As my daughter said, “Grandpa knows how many thousands we spend on him every month. Over ten years of those thousands. If we wanted a phone, you’d have bought one for us yourself. We have money.”
I’ll elaborate on this later when I explain why I’ve gone no contact with him and my sister. A sister who stole so many of my mother’s phones that my mother in law stopped sending replacements.
I can’t heal while wounds are still being created.

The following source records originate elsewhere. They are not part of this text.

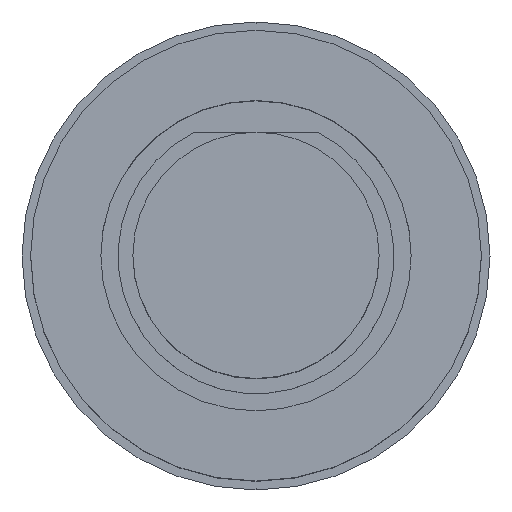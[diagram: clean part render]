
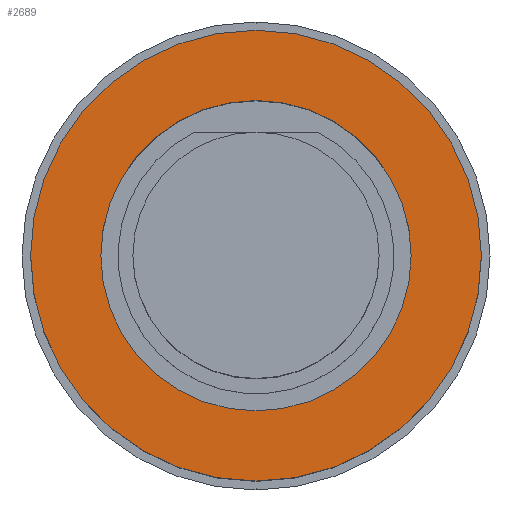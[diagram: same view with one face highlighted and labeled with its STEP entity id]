
A CAD part, top view. The second image highlights one B-rep face of the part: STEP entity #2689.
In plain terms, the highlighted planar face has unit normal (0, 0, 1) as drawn and (0, 1, 0) by its records, which use the part's own axes.
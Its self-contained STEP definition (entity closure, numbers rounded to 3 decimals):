
#30 = CARTESIAN_POINT ( 'NONE',  ( 0., 17.7, 4.575 ) ) ;
#161 = VERTEX_POINT ( 'NONE', #30 ) ;
#515 = EDGE_LOOP ( 'NONE', ( #4166, #1966 ) ) ;
#809 = VERTEX_POINT ( 'NONE', #5833 ) ;
#845 = CIRCLE ( 'NONE', #1359, 3.15 ) ;
#913 = VERTEX_POINT ( 'NONE', #1249 ) ;
#957 = CIRCLE ( 'NONE', #5367, 4.575 ) ;
#1141 = DIRECTION ( 'NONE',  ( 0., 1., 0. ) ) ;
#1249 = CARTESIAN_POINT ( 'NONE',  ( 0., 17.7, -4.575 ) ) ;
#1359 = AXIS2_PLACEMENT_3D ( 'NONE', #5986, #5046, #1848 ) ;
#1401 = CIRCLE ( 'NONE', #3564, 4.575 ) ;
#1688 = DIRECTION ( 'NONE',  ( 0., 0., 1. ) ) ;
#1820 = FACE_BOUND ( 'NONE', #2655, .T. ) ;
#1848 = DIRECTION ( 'NONE',  ( 0., 0., 1. ) ) ;
#1966 = ORIENTED_EDGE ( 'NONE', *, *, #4718, .T. ) ;
#2062 = DIRECTION ( 'NONE',  ( 0., 1., 0. ) ) ;
#2065 = AXIS2_PLACEMENT_3D ( 'NONE', #6040, #1141, #3637 ) ;
#2347 = DIRECTION ( 'NONE',  ( 0., 1., 0. ) ) ;
#2408 = CARTESIAN_POINT ( 'NONE',  ( 0., 17.7, 0. ) ) ;
#2431 = FACE_OUTER_BOUND ( 'NONE', #515, .T. ) ;
#2655 = EDGE_LOOP ( 'NONE', ( #5948, #4652 ) ) ;
#2689 = ADVANCED_FACE ( 'NONE', ( #2431, #1820 ), #3556, .T. ) ;
#2805 = DIRECTION ( 'NONE',  ( 0., 0., 1. ) ) ;
#3298 = EDGE_CURVE ( 'NONE', #809, #3349, #845, .T. ) ;
#3349 = VERTEX_POINT ( 'NONE', #5504 ) ;
#3556 = PLANE ( 'NONE',  #6132 ) ;
#3564 = AXIS2_PLACEMENT_3D ( 'NONE', #3689, #4126, #1688 ) ;
#3637 = DIRECTION ( 'NONE',  ( 0., 0., 1. ) ) ;
#3689 = CARTESIAN_POINT ( 'NONE',  ( 0., 17.7, 0. ) ) ;
#4066 = CIRCLE ( 'NONE', #2065, 3.15 ) ;
#4126 = DIRECTION ( 'NONE',  ( 0., 1., 0. ) ) ;
#4166 = ORIENTED_EDGE ( 'NONE', *, *, #4260, .T. ) ;
#4260 = EDGE_CURVE ( 'NONE', #913, #161, #957, .T. ) ;
#4652 = ORIENTED_EDGE ( 'NONE', *, *, #6171, .F. ) ;
#4718 = EDGE_CURVE ( 'NONE', #161, #913, #1401, .T. ) ;
#5046 = DIRECTION ( 'NONE',  ( 0., 1., 0. ) ) ;
#5367 = AXIS2_PLACEMENT_3D ( 'NONE', #2408, #2347, #2805 ) ;
#5504 = CARTESIAN_POINT ( 'NONE',  ( 0., 17.7, 3.15 ) ) ;
#5833 = CARTESIAN_POINT ( 'NONE',  ( 0., 17.7, -3.15 ) ) ;
#5881 = DIRECTION ( 'NONE',  ( 0., 0., 1. ) ) ;
#5948 = ORIENTED_EDGE ( 'NONE', *, *, #3298, .F. ) ;
#5962 = CARTESIAN_POINT ( 'NONE',  ( 0., 17.7, 0. ) ) ;
#5986 = CARTESIAN_POINT ( 'NONE',  ( 0., 17.7, 0. ) ) ;
#6040 = CARTESIAN_POINT ( 'NONE',  ( 0., 17.7, 0. ) ) ;
#6132 = AXIS2_PLACEMENT_3D ( 'NONE', #5962, #2062, #5881 ) ;
#6171 = EDGE_CURVE ( 'NONE', #3349, #809, #4066, .T. ) ;

And neither can you if you came here as the adult child of a toxic parent. You can merely survive. And survive I did. Able to love others. Never emotionally stunted. Able to be empathetic. Able to give my heart DESPITE, not because of her…I am who I am because that is my nature. (When I was a teen, my GP became exasperated with me for caring about a family at church so much that I got tension headaches and a huge IBS flare up.)
I am what I am, because God is my Father.
I know our experiences will be different, but the pain caused is the same. And may we who are believers find healing in Him Whose name we bear. Who is proud of us for following Him. Who loves us for obeying Him. (My mother criticized my decision to be modest over and over and even mocked friends who visited them in my absence when they heard my father was sick, telling they were dressed like me.)
I grieve what a mother should have been to me, and I rejoice in what my children think of me. I pray they always view me the way they do today- fair, not harsh, caring, gentle, very patient…I’ve certainly never whipped them with a cane as my father did, nor threw anything at them that took the breath out their lungs and caused them to wheeze for air. I will never have a mother who is proud of me for living right. But I will be a mother proud of every good thing my children do.